• Exercise brief
Wherever the word "from" appears in a line of the data, that line should be copied.

---------- Available data

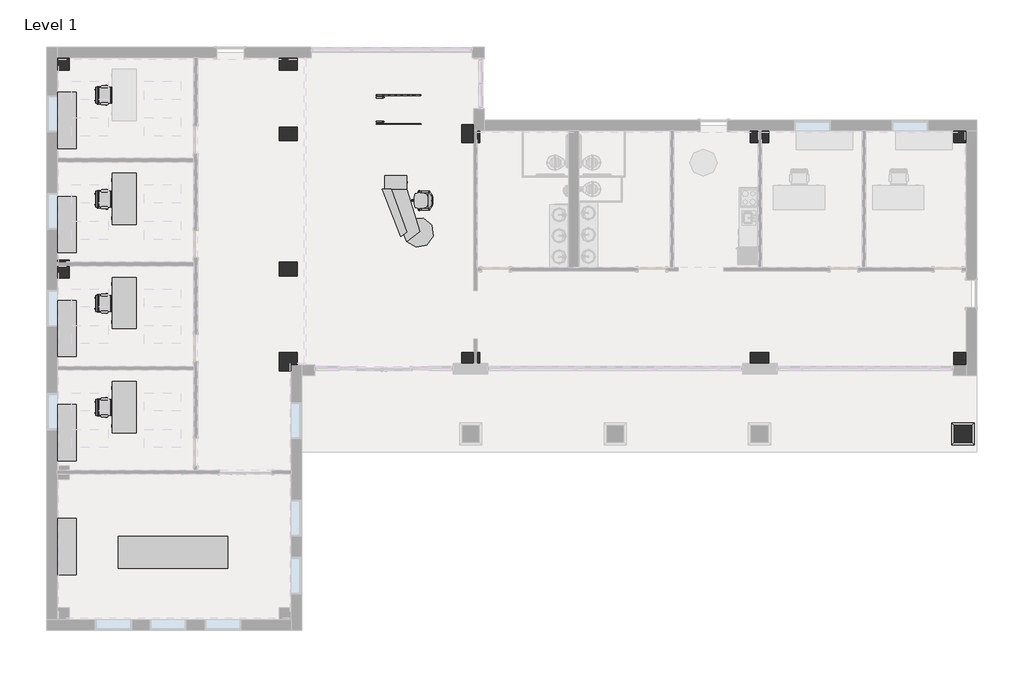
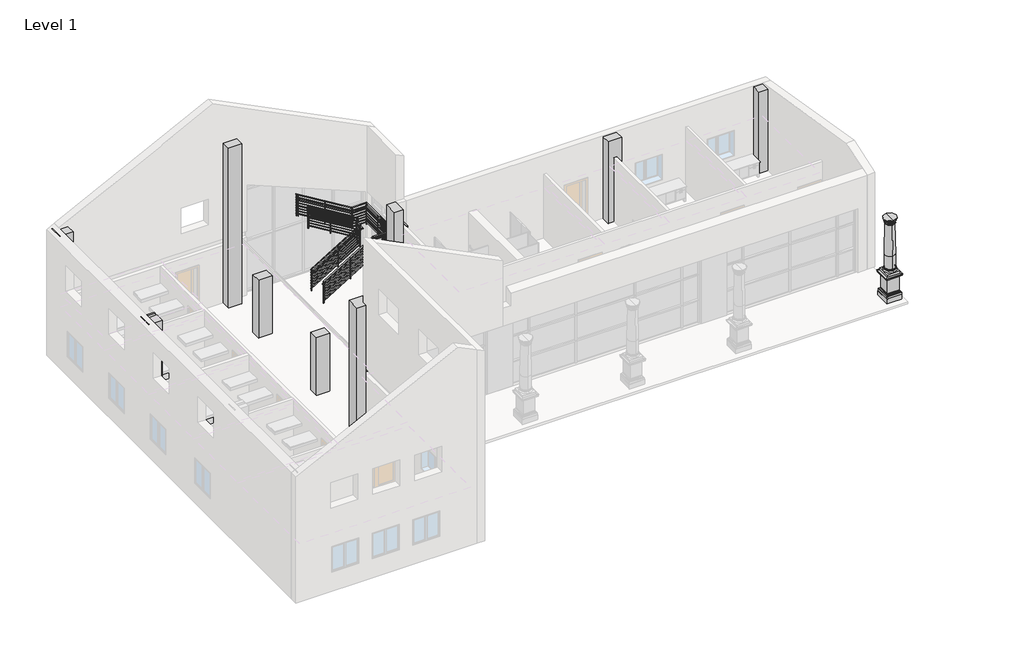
# One storey, part 7 of 8: 15 furniture elements, 13 columns, 2 railings.
"""IFC4 building model written with IfcOpenShell, lengths in millimetres."""

from ifc_helpers import new_model, si_unit, point, frame, origin, origin_with_axes, place, context, project, spatial, polyline, circle_curve, ellipse_curve, trimmed, outline, extrude, faceted_brep, transform, mapped, element, save
from ifc_brep_helpers import plane_surface, cylinder_surface, revolved_surface, advanced_brep
from components import chair_executive_chair_executive_8d69e98c, chair_task_arms_chair_task_arms_8395c10b, conference_table_complete_42_x_144_00e9c4b6, furniture_5a5a5c8e, desk_reception_desk_reception_8679d896, furniture_9d33da18, guardrail_pipe_ca991ecf, guardrail_pipe_215c56c1

model = new_model("IFC4")

# Units and contexts
model_context = context("Model", 3, world=origin())
ifc_project = project(units=[si_unit("LENGTHUNIT", "METRE", prefix="MILLI")], contexts=[model_context])

# Site, building, storey
site = spatial("IfcSite", under=ifc_project)
building = spatial("IfcBuilding", under=site)
storey = spatial("IfcBuildingStorey", under=building, Name="Level 1", Elevation=0.0)

# Columns
placement = place(None, origin())
element("IfcColumn", 1, ObjectType="Doric Column : 16'  Height (10 2/3 x Dia.)", at=placement, inside=storey, context=model_context, shape_type="SolidModel", body=[
    extrude(outline(polyline([(16988.3733448, -1720.0769576), (16988.3733448, -2297.9269576), (16410.5233448, -2297.9269576), (16410.5233448, -1720.0769576), (16988.3733448, -1720.0769576)])), frame((0.0, 0.0, 1117.6), z_axis=(0.0, 0.0, 1.0), x_axis=(1.0, 0.0, 0.0)), (0.0, 0.0, 1.0), 107.95),
    faceted_brep([(16470.8483448, -2237.6019576, 1117.6), (16327.9733448, -2380.4769576, 1117.6), (17070.9233448, -2380.4769576, 1117.6), (16928.0483448, -2237.6019576, 1117.6), (16470.8483448, -2237.6019576, 1003.3), (16928.0483448, -2237.6019576, 1003.3), (16399.5654277, -2308.8848746, 1003.3), (16999.3312619, -2308.8848746, 1003.3), (16366.0733448, -2342.3769576, 1028.7), (17032.8233448, -2342.3769576, 1028.7), (16340.6733448, -2367.7769576, 1028.7), (17058.2233448, -2367.7769576, 1028.7), (16340.6733448, -2367.7769576, 1092.2), (17058.2233448, -2367.7769576, 1092.2), (16327.9733448, -2380.4769576, 1092.2), (17070.9233448, -2380.4769576, 1092.2), (17070.9233448, -1637.5269576, 1117.6), (16928.0483448, -1780.4019576, 1117.6), (16928.0483448, -1780.4019576, 1003.3), (16999.3312619, -1709.1190405, 1003.3), (17032.8233448, -1675.6269576, 1028.7), (17058.2233448, -1650.2269576, 1028.7), (17058.2233448, -1650.2269576, 1092.2), (17070.9233448, -1637.5269576, 1092.2), (16327.9733448, -1637.5269576, 1117.6), (16470.8483448, -1780.4019576, 1117.6), (16470.8483448, -1780.4019576, 1003.3), (16399.5654277, -1709.1190405, 1003.3), (16366.0733448, -1675.6269576, 1028.7), (16340.6733448, -1650.2269576, 1028.7), (16340.6733448, -1650.2269576, 1092.2), (16327.9733448, -1637.5269576, 1092.2)], [[[0, 1, 2, 3]], [[4, 0, 3, 5]], [[6, 4, 5, 7]], [[8, 6, 7, 9]], [[10, 8, 9, 11]], [[12, 10, 11, 13]], [[14, 12, 13, 15]], [[1, 14, 15, 2]], [[3, 2, 16, 17]], [[5, 3, 17, 18]], [[7, 5, 18, 19]], [[9, 7, 19, 20]], [[11, 9, 20, 21]], [[13, 11, 21, 22]], [[15, 13, 22, 23]], [[2, 15, 23, 16]], [[17, 16, 24, 25]], [[18, 17, 25, 26]], [[19, 18, 26, 27]], [[20, 19, 27, 28]], [[21, 20, 28, 29]], [[22, 21, 29, 30]], [[23, 22, 30, 31]], [[16, 23, 31, 24]], [[25, 24, 1, 0]], [[26, 25, 0, 4]], [[27, 26, 4, 6]], [[28, 27, 6, 8]], [[29, 28, 8, 10]], [[30, 29, 10, 12]], [[31, 30, 12, 14]], [[24, 31, 14, 1]]]),
    advanced_brep(
    [(16699.4483448, -2256.6519576, 1358.9), (16699.4483448, -1761.3519576, 1358.9), (16699.4483448, -1780.4019576, 1377.95), (16699.4483448, -2237.6019576, 1377.95), (16699.4483448, -1780.4019576, 1989.5041667), (16699.4483448, -2237.6019576, 1989.5041667), (16699.4483448, -2256.6519576, 1339.85), (16699.4483448, -1761.3519576, 1339.85), (16699.4483448, -2256.6519576, 1308.1), (16699.4483448, -1761.3519576, 1308.1), (16699.4483448, -2256.6519576, 1225.55), (16699.4483448, -1761.3519576, 1225.55), (16699.4483448, -2009.0019576, 1225.55), (16699.4483448, -1808.9769576, 3479.3125), (16699.4483448, -2209.0269576, 3479.3125), (16699.4483448, -2301.1019576, 3714.2625601), (16699.4483448, -1716.9019576, 3714.2625601), (16699.4483448, -1716.9019576, 3733.3125), (16699.4483448, -2301.1019576, 3733.3125), (16699.4483448, -2009.0019576, 3733.3125), (16699.4483448, -2282.0518974, 3695.2125), (16699.4483448, -1735.9520177, 3695.2125), (16699.4483448, -2278.8769576, 3695.2125), (16699.4483448, -1739.1269576, 3695.2125), (16699.4483448, -2278.8769576, 3644.4125), (16699.4483448, -1739.1269576, 3644.4125), (16699.4483448, -2272.5269576, 3644.4125), (16699.4483448, -1745.4769576, 3644.4125), (16699.4483448, -2228.0769576, 3599.9625), (16699.4483448, -1789.9269576, 3599.9625), (16699.4483448, -2228.0769576, 3580.9125), (16699.4483448, -1789.9269576, 3580.9125), (16699.4483448, -2209.0269576, 3580.9125), (16699.4483448, -1808.9769576, 3580.9125), (16699.4483448, -2209.0269576, 3498.3625), (16699.4483448, -1808.9769576, 3498.3625), (16699.4483448, -2228.0769576, 3498.3625), (16699.4483448, -1789.9269576, 3498.3625), (16699.4483448, -2228.0769576, 3479.3125), (16699.4483448, -1789.9269576, 3479.3125)],
    [
        (0, 1, circle_curve(frame((16699.4483448, -2009.0019576, 1358.9), z_axis=(0.0, 0.0, 1.0), x_axis=(0.0, 1.0, 0.0)), 247.65)),
        (1, 2, circle_curve(frame((16699.4483448, -1761.3519576, 1377.95), z_axis=(-1.0, 0.0, 0.0), x_axis=(0.0, -1.0, 0.0)), 19.05)),
        (2, 3, circle_curve(frame((16699.4483448, -2009.0019576, 1377.95), z_axis=(0.0, 0.0, -1.0), x_axis=(0.0, 1.0, 0.0)), 228.6)),
        (3, 0, circle_curve(frame((16699.4483448, -2256.6519576, 1377.95), z_axis=(-1.0, 0.0, 0.0), x_axis=(0.0, 1.0, 0.0)), 19.05)),
        (2, 4),
        (4, 5, circle_curve(frame((16699.4483448, -2009.0019576, 1989.5041667), z_axis=(0.0, 0.0, -1.0), x_axis=(0.0, 1.0, 0.0)), 228.6)),
        (5, 3),
        (2, 3, circle_curve(frame((16699.4483448, -2009.0019576, 1377.95), z_axis=(0.0, 0.0, 1.0), x_axis=(0.0, 1.0, 0.0)), 228.6)),
        (5, 4, circle_curve(frame((16699.4483448, -2009.0019576, 1989.5041667), z_axis=(0.0, 0.0, -1.0), x_axis=(0.0, 1.0, 0.0)), 228.6)),
        (1, 0, circle_curve(frame((16699.4483448, -2009.0019576, 1358.9), z_axis=(0.0, 0.0, 1.0), x_axis=(0.0, 1.0, 0.0)), 247.65)),
        (6, 7, circle_curve(frame((16699.4483448, -2009.0019576, 1339.85), z_axis=(0.0, 0.0, 1.0), x_axis=(0.0, 1.0, 0.0)), 247.65)),
        (7, 1),
        (0, 6),
        (7, 6, circle_curve(frame((16699.4483448, -2009.0019576, 1339.85), z_axis=(0.0, 0.0, 1.0), x_axis=(0.0, 1.0, 0.0)), 247.65)),
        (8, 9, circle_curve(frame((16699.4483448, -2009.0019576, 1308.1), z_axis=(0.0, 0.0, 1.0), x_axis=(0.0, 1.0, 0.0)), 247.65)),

--------------------

• Output for this task
from ifc_helpers import new_model, si_unit, point, frame, origin, origin_with_axes, place, context, project, spatial, polyline, circle_curve, ellipse_curve, trimmed, outline, extrude, faceted_brep, transform, mapped, element, save
from ifc_brep_helpers import plane_surface, cylinder_surface, revolved_surface, advanced_brep
from components import chair_executive_chair_executive_8d69e98c, chair_task_arms_chair_task_arms_8395c10b, conference_table_complete_42_x_144_00e9c4b6, furniture_5a5a5c8e, desk_reception_desk_reception_8679d896, furniture_9d33da18, guardrail_pipe_ca991ecf, guardrail_pipe_215c56c1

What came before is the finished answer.